Among the records that follow, set down only the lines from the one containing "Topology: 2 solids, 2" to the one containing "Faces by surface", both included, exactly.

Raw data:
++++

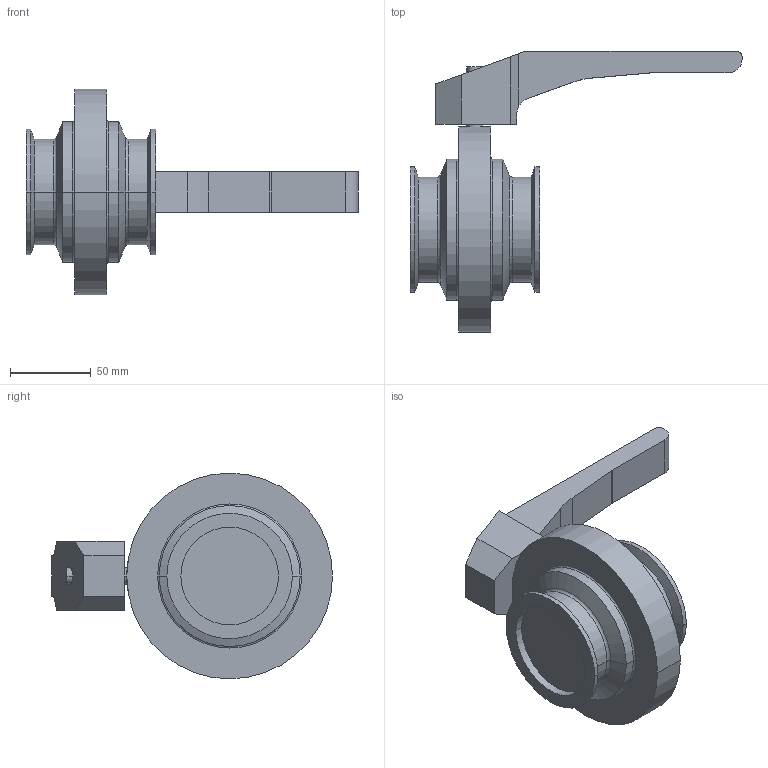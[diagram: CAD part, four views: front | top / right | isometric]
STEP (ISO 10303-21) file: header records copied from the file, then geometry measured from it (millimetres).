
FILE_DESCRIPTION(('OneSpaceDesigner STEP Export'),'2;1');
FILE_NAME('SV1-2.5zoll-H-12CL-vereint.stp','2007-04-20T11:32:52',(''),(''),'OneSpace Designer STEP processor for AP214 (Solid Model)','OneSpace Modeling 15.00 06-Feb-2007 (C) CoCreate Software GmbH','');
FILE_SCHEMA(('AUTOMOTIVE_DESIGN { 1 0 10303 214 1 1 1 1 }'));
Length unit declared in the file: millimetre
Products named in the file (3): Handhebel-SV-40-100.1; SV1-2.5zoll-H-12CL; SV1-2.5zoll-H-12CL-vereint
Assembly tree (2 placements, depth 2):
  SV1-2.5zoll-H-12CL-vereint
    SV1-2.5zoll-H-12CL
    Handhebel-SV-40-100.1
Bounding box: 205 x 173.5 x 127 mm (x, y, z)
Volume: 611383.7 mm3; surface area: 72847.2 mm2
Topology: 2 solids, 2 shells, 68 faces, 151 edges, 92 vertices
Faces by surface type: cylinder 27, plane 25, torus 8, cone 8
Entity records: 2124 total; most frequent: CARTESIAN_POINT 668, ORIENTED_EDGE 302, DIRECTION 271, EDGE_CURVE 151, AXIS2_PLACEMENT_3D 97, VERTEX_POINT 92, VECTOR 77, LINE 77

++++

Expected answer:
Topology: 2 solids, 2 shells, 68 faces, 151 edges, 92 vertices
Faces by surface type: cylinder 27, plane 25, torus 8, cone 8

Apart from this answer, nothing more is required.